I don't see how they could still tips. When people place an order through the app, the tip thing is right there. I just used them the other day. On the checkout page, the tip option is there right above the total. They automatically have the tip added, and when your ordering you have to physically remove he tip. But you have to pay attention because since its added if you don't look you wont even pay attention that the tp is on there. They tip at checkout and you cant tip after delivery unless they give you cash. You are told up front what the delivery amount is so you don have to accept it if its too low. If its anything like UE, just park around restaurants.


----------



## andaas (May 19, 2015)

Storm104 said:


> I don't see how they could still tips. When people place an order through the app, the tip thing is right there. I just used them the other day. On the checkout page, the tip option is there right above the total. They automatically have the tip added, and when your ordering you have to physically remove he tip. But you have to pay attention because since its added if you don't look you wont even pay attention that the tp is on there.

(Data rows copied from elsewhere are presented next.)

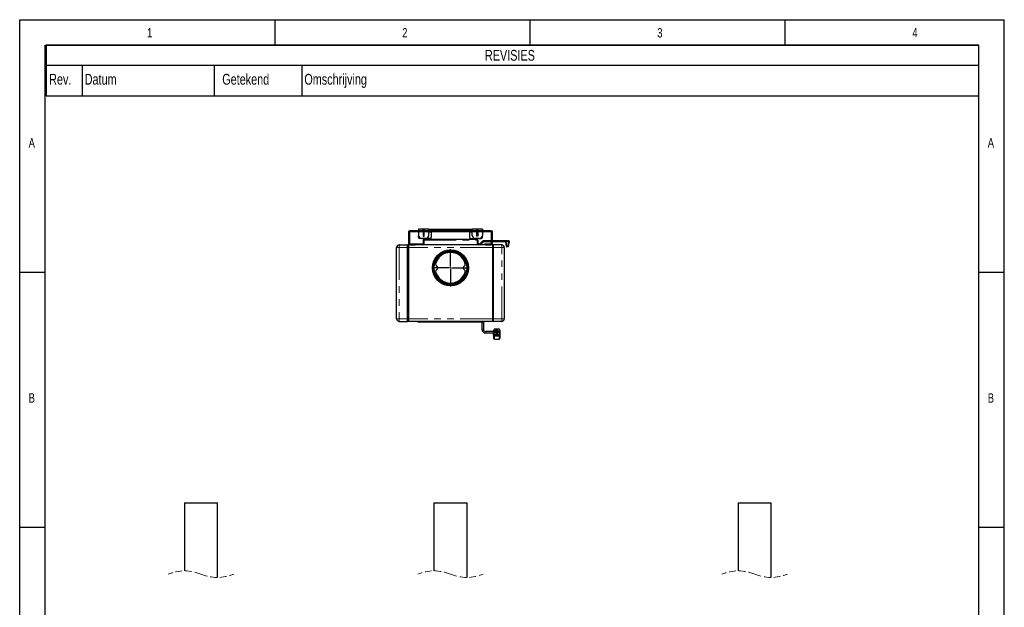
# Model space of a CAD drawing. Header units: millimetres. Extents: x 12 to 205, y 6 to 292.
# Tile 5 of 5: x 12 to 205, y 176 to 292. Entities that reach past the tile are written whole.
import ezdxf

# ---------------------------------------------------------------- set-up
doc = ezdxf.new("R2010")
doc.units = ezdxf.units.MM
doc.linetypes.add('HIDDEN', pattern=[1.905, 1.27, -0.635])
doc.linetypes.add('PHANTOM', pattern=[12.7, 6.35, -1.27, 1.27, -1.27, 1.27, -1.27])
doc.layers.add('FORMAT', color=7, linetype='Continuous')
doc.styles.add('SLDTEXTSTYLE0', font='TXT', dxfattribs={"width": 0.75})

# ---------------------------------------------------------------- blocks, each defined once
blk = doc.blocks.new('SW_TABLEANNOTATION_0')
at = {"layer": 'FORMAT', "color": 0}
for p, q in [((0, 0), (0, -9.94)), ((182.81, 0), (0, 0)), ((182.81, -9.94), (182.81, 0)), ((0, -3.94), (182.81, -3.94)), ((7.05, -3.94), (7.05, -9.94)), ((32.91, -3.94), (32.91, -9.94)), ((50.1, -3.94), (50.1, -9.94)), ((0, -9.94), (182.81, -9.94))]:
    blk.add_line(p, q, dxfattribs=at)
at = {"layer": 'FORMAT', "color": 0, "attachment_point": 1, "style": 'SLDTEXTSTYLE0'}
for s, insert, char_height in [('REVISIES', (86, -0.92), 2.117), ('Rev.', (0.58, -5.62), 2.117), ('Datum', (7.55, -5.62), 2.117), ('Getekend', (34.51, -5.62), 2.117), ('Omschrijving', (50.6, -5.62), 2.1167)]:
    blk.add_mtext(s, dxfattribs=dict(at, insert=insert, char_height=char_height))
blk = doc.blocks.new('SW_CENTERMARKSYMBOL_0')
at = {"layer": 'FORMAT', "color": 0}
for p, q in [((0, 0.25), (0, 3.65)), ((-0.25, 0), (-3.65, 0)), ((0, 0), (-0.125, 0)), ((0, 0), (0, 0.125)), ((0, 0), (0, -0.125)), ((0, 0), (0.125, 0)), ((0.25, 0), (3.65, 0)), ((0, -0.25), (0, -3.65))]:
    blk.add_line(p, q, dxfattribs=at)

msp = doc.modelspace()

# ---------------------------------------------------------------- linework, layer by layer
at = {"color": 7, "linetype": 'Continuous', "lineweight": 25}
for p, q in [((88.1876, 249.8222), (88.1876, 247.6722)), ((88.3876, 249.8222), (88.3876, 247.6722)), ((104.3876, 250.1222), (88.4876, 250.1222)), ((104.3876, 249.9222), (88.4876, 249.9222)), ((91.0751, 250.4222), (90.1876, 250.4222)), ((90.1876, 250.4222), (90.1876, 250.1222)), ((90.1876, 249.9222), (90.1876, 249.2222)), ((90.1876, 248.8722), (90.1876, 249.2222)), ((91.0751, 250.1222), (91.0751, 250.4222)), ((91.3001, 250.4222), (91.0751, 250.4222)), ((91.0751, 249.9222), (91.0751, 249.0472)), ((91.0751, 249.0472), (91.3001, 249.0472)), ((91.3001, 250.4222), (91.3001, 250.1222)), ((92.1876, 250.4222), (91.3001, 250.4222)), ((91.3001, 249.0472), (91.3001, 249.9222)), ((92.1876, 250.4222), (92.1876, 250.1222)), ((92.1876, 250.4222), (92.4876, 250.4222)), ((92.1876, 249.2222), (92.1876, 249.9222)), ((92.4876, 250.4222), (100.3876, 250.4222)), ((92.6876, 249.8222), (92.6876, 249.9222)), ((92.6876, 249.8222), (92.6876, 248.8722)), ((100.1876, 249.9222), (100.1876, 249.8222)), ((100.1876, 249.8222), (100.1876, 248.8722)), ((100.3876, 250.4222), (100.6876, 250.4222)), ((100.6876, 250.1222), (100.6876, 250.4222)), ((101.5751, 250.4222), (100.6876, 250.4222)), ((100.6876, 249.2222), (100.6876, 249.9222)), ((101.5751, 250.4222), (101.5751, 250.1222)), ((101.8001, 250.4222), (101.5751, 250.4222)), ((101.5751, 249.0472), (101.5751, 249.9222)), ((101.8001, 249.0472), (101.5751, 249.0472)), ((102.6876, 250.4222), (101.8001, 250.4222)), ((101.8001, 250.1222), (101.8001, 250.4222)), ((101.8001, 249.9222), (101.8001, 249.0472)), ((102.6876, 250.4222), (102.6876, 250.1222)), ((102.6876, 249.9222), (102.6876, 249.2222)), ((102.6876, 248.8722), (102.6876, 249.2222)), ((104.4876, 247.6722), (104.4876, 249.8222)), ((104.6876, 247.6722), (104.6876, 249.8222)), ((86.3876, 247.3722), (88.0376, 247.3722)), ((88.0376, 246.8722), (88.0376, 247.3722)), ((88.0376, 247.3722), (88.1376, 247.2722)), ((88.1376, 247.2722), (88.1376, 246.8722)), ((104.6876, 247.3722), (88.1876, 247.3722)), ((88.1876, 247.3722), (88.1876, 246.8722)), ((88.4876, 247.5722), (89.5876, 247.5722)), ((88.4876, 247.3722), (89.5876, 247.3722)), ((89.5876, 247.5722), (89.6876, 247.5722)), ((89.6876, 247.5722), (89.6876, 247.3722)), ((91.0742, 247.5222), (89.6876, 247.5222)), ((90.7876, 248.6222), (90.4376, 248.6222)), ((90.4376, 247.3722), (90.4376, 247.4722)), ((90.4376, 247.4722), (90.5376, 247.4722)), ((90.5376, 247.4722), (90.9876, 247.4722)), ((91.5876, 248.6222), (90.7876, 248.6222)), ((91.0876, 248.2722), (91.1876, 248.2722)), ((91.0876, 248.2722), (91.0876, 247.5722)), ((91.0876, 247.5722), (91.1876, 247.5722)), ((91.1911, 247.5222), (91.1813, 247.5222)), ((91.1876, 248.2722), (91.1876, 247.5722)), ((91.1911, 248.2722), (91.1911, 247.3722)), ((91.2876, 248.4722), (101.5876, 248.4722)), ((92.4376, 248.6222), (91.5876, 248.6222)), ((100.4376, 248.6222), (101.2876, 248.6222)), ((102.0876, 248.6222), (101.2876, 248.6222)), ((101.6841, 248.2722), (101.6841, 247.3722)), ((101.694, 247.5222), (101.6841, 247.5222)), ((101.7876, 248.2722), (101.6876, 248.2722)), ((101.6876, 248.2722), (101.6876, 247.5722)), ((101.7876, 247.5722), (101.6876, 247.5722)), ((101.7876, 248.2722), (101.7876, 247.5722)), ((102.1419, 247.5222), (101.801, 247.5222)), ((101.8876, 247.4722), (102.3376, 247.4722)), ((102.0876, 248.6222), (102.4376, 248.6222)), ((102.1419, 247.5222), (102.1669, 247.5222)), ((102.1669, 247.5222), (102.1669, 247.4722)), ((102.2023, 247.5368), (102.729, 248.0636)), ((102.3376, 247.4722), (102.4376, 247.4722)), ((102.3497, 247.4722), (102.8351, 247.9575)), ((102.4376, 247.4722), (102.4376, 247.3722)), ((104.4876, 248.1222), (102.8705, 248.1222)), ((104.4876, 247.9722), (102.8705, 247.9722)), ((103.1876, 247.3722), (103.1876, 247.5722)), ((103.1876, 247.5722), (103.2876, 247.5722)), ((103.2876, 247.5722), (104.3876, 247.5722)), ((103.2876, 247.3722), (104.3876, 247.3722)), ((107.8876, 248.1222), (104.6876, 248.1222)), ((107.8876, 247.9722), (104.6876, 247.9722)), ((104.6876, 247.3722), (104.6876, 246.8722)), ((104.8376, 247.3722), (104.7376, 247.2722)), ((104.7376, 246.8722), (104.7376, 247.2722)), ((104.8376, 247.3722), (104.8376, 246.8722)), ((106.4876, 247.3722), (104.8376, 247.3722)), ((107.4278, 247.0135), (107.2588, 247.9722)), ((107.3096, 247.9722), (107.4771, 247.0222)), ((107.8857, 247.9722), (107.3096, 247.9722)), ((107.7182, 247.0222), (107.8857, 247.9722)), ((107.9364, 247.9722), (107.7674, 247.0135)), ((107.8876, 247.9722), (107.8876, 248.1222)), ((107.8876, 248.1222), (107.9376, 248.1222)), ((107.9376, 247.9722), (107.8876, 247.9722)), ((107.9376, 248.1222), (107.9376, 247.9722)), ((85.8876, 232.8722), (85.8876, 246.8722)), ((88.0376, 232.8722), (88.0376, 246.8722)), ((88.1876, 246.9222), (88.1376, 246.9222)), ((88.1376, 246.8722), (88.1376, 232.8722)), ((88.1876, 246.8722), (88.1876, 232.8722)), ((104.6876, 246.9222), (104.7376, 246.9222)), ((104.6876, 246.8722), (104.6876, 232.8722)), ((104.7376, 232.8722), (104.7376, 246.8722)), ((104.8376, 246.8722), (104.8376, 232.8722)), ((106.9876, 246.8722), (106.9876, 232.8722)), ((107.4771, 247.0222), (107.4449, 246.9839)), ((107.4771, 247.0222), (107.7182, 247.0222)), ((107.7182, 246.9722), (107.4771, 246.9722)), ((107.7182, 247.0222), (107.7503, 246.9839)), ((86.3876, 232.3722), (88.0376, 232.3722)), ((88.0376, 232.3722), (88.0376, 232.8722)), ((88.0376, 232.3722), (88.1376, 232.4722)), ((88.1376, 232.8722), (88.1376, 232.4722)), ((88.1876, 232.8222), (88.1376, 232.8222)), ((88.1876, 232.8722), (88.1876, 232.3722)), ((104.6876, 232.3722), (88.1876, 232.3722)), ((89.9626, 232.3722), (89.9626, 232.3222)), ((90.0626, 232.2222), (89.9626, 232.3222)), ((89.9626, 232.3222), (90.0876, 232.3222)), ((90.0876, 232.2222), (90.0626, 232.2222)), ((90.0876, 232.3222), (102.7876, 232.3222)), ((102.7876, 232.2222), (90.0876, 232.2222)), ((102.6076, 232.2222), (102.6076, 230.8222)), ((102.7876, 232.3222), (102.9126, 232.3222)), ((102.8126, 232.2222), (102.7876, 232.2222)), ((102.8126, 232.2222), (102.9126, 232.3222)), ((102.9076, 232.3172), (102.9076, 230.8222)), ((102.9126, 232.3722), (102.9126, 232.3222)), ((104.6876, 232.8722), (104.6876, 232.3722)), ((104.6876, 232.8222), (104.7376, 232.8222)), ((104.7376, 232.4722), (104.7376, 232.8722)), ((104.8376, 232.3722), (104.7376, 232.4722)), ((104.8376, 232.8722), (104.8376, 232.3722)), ((106.4876, 232.3722), (104.8376, 232.3722)), ((104.9726, 230.3722), (103.3576, 230.3722)), ((104.9726, 230.0722), (103.3576, 230.0722)), ((104.8976, 230.3722), (104.8976, 230.5826)), ((104.8976, 229.6419), (104.8976, 230.0722)), ((104.9476, 230.5896), (104.9476, 230.3722)), ((104.9476, 230.0722), (104.9476, 229.6488)), ((104.9726, 229.9249), (104.9726, 230.7171)), ((104.9726, 229.7231), (104.9726, 229.9249)), ((105.9226, 230.8661), (105.1226, 230.8661)), ((105.5717, 230.802), (105.1815, 230.4156)), ((105.1815, 230.2405), (105.3697, 230.0541)), ((105.2507, 230.3456), (105.2522, 230.3456)), ((105.6424, 230.732), (105.2522, 230.3456)), ((105.2522, 230.3105), (105.4404, 230.1241)), ((105.3551, 230.3841), (105.4931, 230.5208)), ((105.3551, 230.272), (105.4223, 230.2054)), ((105.4029, 229.924), (105.7931, 230.3104)), ((105.5497, 230.4648), (105.4117, 230.3281)), ((105.4789, 230.2614), (105.4117, 230.3281)), ((105.4736, 229.854), (105.8638, 230.2404)), ((105.4955, 230.1912), (105.6336, 230.3279)), ((105.6902, 230.2719), (105.5521, 230.1352)), ((105.5663, 230.3946), (105.6336, 230.3279)), ((105.7931, 230.3454), (105.6048, 230.5318)), ((105.6054, 230.5316), (105.6061, 230.5314)), ((105.6902, 230.3839), (105.6229, 230.4506)), ((105.8638, 230.4154), (105.6755, 230.6018)), ((106.0726, 230.7171), (106.0726, 229.9249)), ((106.0726, 229.9249), (106.0726, 229.7231)), ((106.0976, 229.6488), (106.0976, 230.5896)), ((106.1476, 230.5826), (106.1476, 229.6419)), ((104.8976, 229.6419), (104.8976, 229.0295)), ((105.0476, 229.5498), (105.9976, 229.5498)), ((105.9976, 229.4933), (105.0476, 229.4933)), ((105.0476, 228.881), (105.9976, 228.881)), ((105.1226, 229.5746), (105.9226, 229.5746)), ((106.1476, 229.6419), (106.1476, 229.0295)), ((44.2765, 196.8147), (44.2765, 183.4592)), ((44.2765, 196.8147), (50.7765, 196.8147)), ((50.7765, 182.1744), (50.7765, 196.8147)), ((93.1876, 196.8147), (93.1876, 183.4592)), ((93.1876, 196.8147), (96.4376, 196.8147)), ((96.4376, 196.8147), (99.6876, 196.8147)), ((99.6876, 182.1744), (99.6876, 196.8147)), ((152.821, 196.8147), (152.821, 183.4592)), ((152.821, 196.8147), (159.321, 196.8147)), ((159.321, 182.1744), (159.321, 196.8147))]:
    msp.add_line(p, q, dxfattribs=at)
at = {"color": 8, "linetype": 'PHANTOM', "lineweight": 18}
for p, q in [((88.3876, 249.8222), (88.1876, 249.8222)), ((88.4876, 250.1222), (88.4876, 249.9222)), ((91.0751, 249.8222), (91.3001, 249.8222)), ((92.1876, 249.8222), (92.6876, 249.8222)), ((92.4876, 250.4222), (92.4876, 250.1222)), ((100.1876, 249.8222), (100.6876, 249.8222)), ((100.3876, 250.1222), (100.3876, 250.4222)), ((101.5751, 249.8222), (101.8001, 249.8222)), ((104.3876, 249.9222), (104.3876, 250.1222)), ((104.6876, 249.8222), (104.4876, 249.8222)), ((86.3876, 247.3722), (86.3876, 246.8722)), ((88.1876, 247.6722), (88.3876, 247.6722)), ((88.4876, 247.5722), (88.4876, 247.3722)), ((89.5876, 247.3722), (89.5876, 247.5722)), ((90.5376, 247.4722), (90.5376, 247.3722)), ((90.9876, 247.3722), (90.9876, 247.4722)), ((91.1911, 248.2722), (101.6841, 248.2722)), ((101.8876, 247.4722), (101.8876, 247.3722)), ((102.1419, 247.4722), (102.1419, 247.5222)), ((102.3376, 247.3722), (102.3376, 247.4722)), ((103.2876, 247.5722), (103.2876, 247.3722)), ((104.3876, 247.3722), (104.3876, 247.5722)), ((104.4876, 247.6722), (104.6876, 247.6722)), ((106.4876, 246.8722), (106.4876, 247.3722)), ((86.3876, 246.8722), (85.8876, 246.8722)), ((86.3876, 246.8722), (86.3876, 232.8722)), ((86.3876, 246.8722), (88.0376, 246.8722)), ((88.0376, 246.8722), (88.1376, 246.8722)), ((88.1876, 246.7722), (88.1376, 246.7722)), ((104.6876, 246.8722), (88.1876, 246.8722)), ((104.6876, 246.7722), (104.7376, 246.7722)), ((104.8376, 246.8722), (104.7376, 246.8722)), ((106.4876, 246.8722), (104.8376, 246.8722)), ((106.4876, 246.8722), (106.9876, 246.8722)), ((106.4876, 232.8722), (106.4876, 246.8722)), ((86.3876, 232.8722), (85.8876, 232.8722)), ((86.3876, 232.8722), (88.0376, 232.8722)), ((86.3876, 232.8722), (86.3876, 232.3722)), ((88.0376, 232.8722), (88.1376, 232.8722)), ((88.1876, 232.9722), (88.1376, 232.9722)), ((104.6876, 232.8722), (88.1876, 232.8722)), ((90.0876, 232.3722), (90.0876, 232.3222)), ((90.0876, 232.2222), (90.0876, 232.3222)), ((102.7876, 232.3722), (102.7876, 232.3222)), ((102.7876, 232.2222), (102.7876, 232.3222)), ((104.6876, 232.9722), (104.7376, 232.9722)), ((104.8376, 232.8722), (104.7376, 232.8722)), ((106.4876, 232.8722), (104.8376, 232.8722)), ((106.4876, 232.8722), (106.9876, 232.8722)), ((106.4876, 232.3722), (106.4876, 232.8722)), ((102.9076, 230.8222), (102.6076, 230.8222)), ((103.3576, 230.3722), (103.3576, 230.0722)), ((104.8976, 230.5826), (104.9476, 230.5896)), ((105.0226, 230.7241), (105.0226, 229.9319)), ((105.1226, 230.8231), (105.1226, 230.8661)), ((105.9226, 230.8231), (105.1226, 230.8231)), ((105.1226, 229.7764), (105.1226, 229.8328)), ((105.1226, 229.8328), (105.9226, 229.8328)), ((105.9226, 229.7764), (105.1226, 229.7764)), ((105.1226, 229.7764), (105.1226, 229.5746)), ((105.9226, 230.8231), (105.9226, 230.8661)), ((105.9226, 229.7764), (105.9226, 229.8328)), ((105.9226, 229.5746), (105.9226, 229.7764)), ((106.0226, 229.9319), (106.0226, 230.7241)), ((106.1476, 230.5826), (106.0976, 230.5896)), ((104.8976, 229.6419), (104.9476, 229.6488)), ((105.0476, 229.4933), (105.0476, 229.5498)), ((105.0476, 229.4933), (105.0476, 228.881)), ((105.9976, 229.4933), (105.9976, 229.5498)), ((105.9976, 229.4933), (105.9976, 228.881)), ((106.1476, 229.6419), (106.0976, 229.6488))]:
    msp.add_line(p, q, dxfattribs=at)
at = {"color": 7, "linetype": 'Continuous', "lineweight": 25, "flags": 128}
for points in [[(104.9726, 230.7171), (104.9755, 230.7461), (104.9798, 230.7626)], [(104.9832, 229.87), (104.9755, 229.8959), (104.9726, 229.9249)], [(106.062, 230.772), (106.0697, 230.7461), (106.0726, 230.7171)], [(106.0726, 229.9249), (106.0697, 229.8959), (106.0654, 229.8794)]]:
    msp.add_lwpolyline(points, dxfattribs=at)
at = {"color": 7, "linetype": 'Continuous', "lineweight": 25}
for radius in [3.525, 3.4625, 3.25, 3.2]:
    msp.add_circle((96.4376, 242.8722), radius, dxfattribs=at)
for centre, radius, start, end in [((88.4876, 249.8222), 0.3, 90, 180), ((88.4876, 249.8222), 0.1, 90, 180), ((90.7876, 249.2222), 0.6, 180, 270), ((91.5876, 249.2222), 0.6, 270, 0), ((101.2876, 249.2222), 0.6, 180, 270), ((102.0876, 249.2222), 0.6, 270, 0), ((104.3876, 249.8222), 0.3, 0, 90), ((104.3876, 249.8222), 0.1, 0, 90), ((86.3876, 246.8722), 0.5, 90, 180), ((88.1876, 246.8722), 0.5, 90, 105.331915), ((88.4876, 247.6722), 0.3, 180, 270), ((88.4876, 247.6722), 0.1, 180, 270), ((90.4376, 248.8722), 0.25, 180, 270), ((90.3376, 248.8222), 0.15, 180, 241.491108), ((90.9876, 247.5722), 0.1, 270, 0), ((90.9876, 247.5722), 0.2, 270, 0), ((92.4376, 248.8722), 0.25, 270, 0), ((92.5376, 248.8222), 0.15, 298.508892, 0), ((100.4376, 248.8722), 0.25, 180, 270), ((100.3376, 248.8222), 0.15, 180, 241.491108), ((101.8876, 247.5722), 0.2, 180, 270), ((101.8876, 247.5722), 0.1, 180, 270), ((102.1669, 247.5722), 0.05, 270, 315), ((102.4376, 248.8722), 0.25, 270, 0), ((102.5376, 248.8222), 0.15, 298.508892, 0), ((102.8705, 247.9222), 0.2, 90, 135), ((102.8705, 247.9222), 0.05, 90, 135), ((104.3876, 247.6722), 0.1, 270, 0), ((104.3876, 247.6722), 0.3, 270, 0), ((104.6876, 246.8722), 0.5, 74.668085, 90), ((106.4876, 246.8722), 0.5, 0, 90), ((96.4376, 242.8722), 3, 14.78871, 165.21129), ((107.4771, 247.0222), 0.05, 190, 230), ((107.4771, 247.0222), 0.05, 230, 270), ((107.7182, 247.0222), 0.05, 270, 310), ((107.7182, 247.0222), 0.05, 310, 350), ((93.8996, 243.5422), 0.375, 165.21129, 243.302799), ((93.5626, 242.8722), 0.375, 296.697201, 63.302799), ((99.3126, 242.8722), 0.375, 116.697201, 243.302799), ((98.9757, 243.5422), 0.375, 296.697201, 14.78871), ((93.8996, 242.2021), 0.375, 116.697201, 194.78871), ((96.4376, 242.8722), 3, 194.78871, 345.21129), ((98.9757, 242.2021), 0.375, 345.21129, 63.302799), ((86.3876, 232.8722), 0.5, 180, 270), ((106.4876, 232.8722), 0.5, 270, 0), ((103.3576, 230.8222), 0.75, 180, 270), ((103.3576, 230.8222), 0.45, 180, 270), ((105.046, 230.5823), 0.1484, 119.640532, 179.87342), ((105.0461, 230.5895), 0.0985, 138.259926, 179.958651), ((105.1219, 229.7238), 0.1493, 180.281526, 270.278708), ((105.4051, 230.0891), 0.0498, 224.687195, 44.752252), ((105.4382, 229.889), 0.0498, 135.312985, 315.248171), ((105.4506, 230.2334), 0.0398, 224.69979, 44.700378), ((105.5238, 230.1632), 0.0398, 135.290453, 315.291179), ((105.5214, 230.4928), 0.0398, 315.290958, 135.290674), ((105.5946, 230.4226), 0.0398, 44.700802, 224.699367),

They tip at checkout and you cant tip after delivery unless they give you cash. You are told up front what the delivery amount is so you don have to accept it if its too low. If its anything like UE, just park around restaurants.


What you aren't grasping is that a DoorDash Drive order is not placed via the DoorDash app. Those tips are paid to directly the restaurant, and the restaurant is not required to pass those along to the DoorDash driver.


----------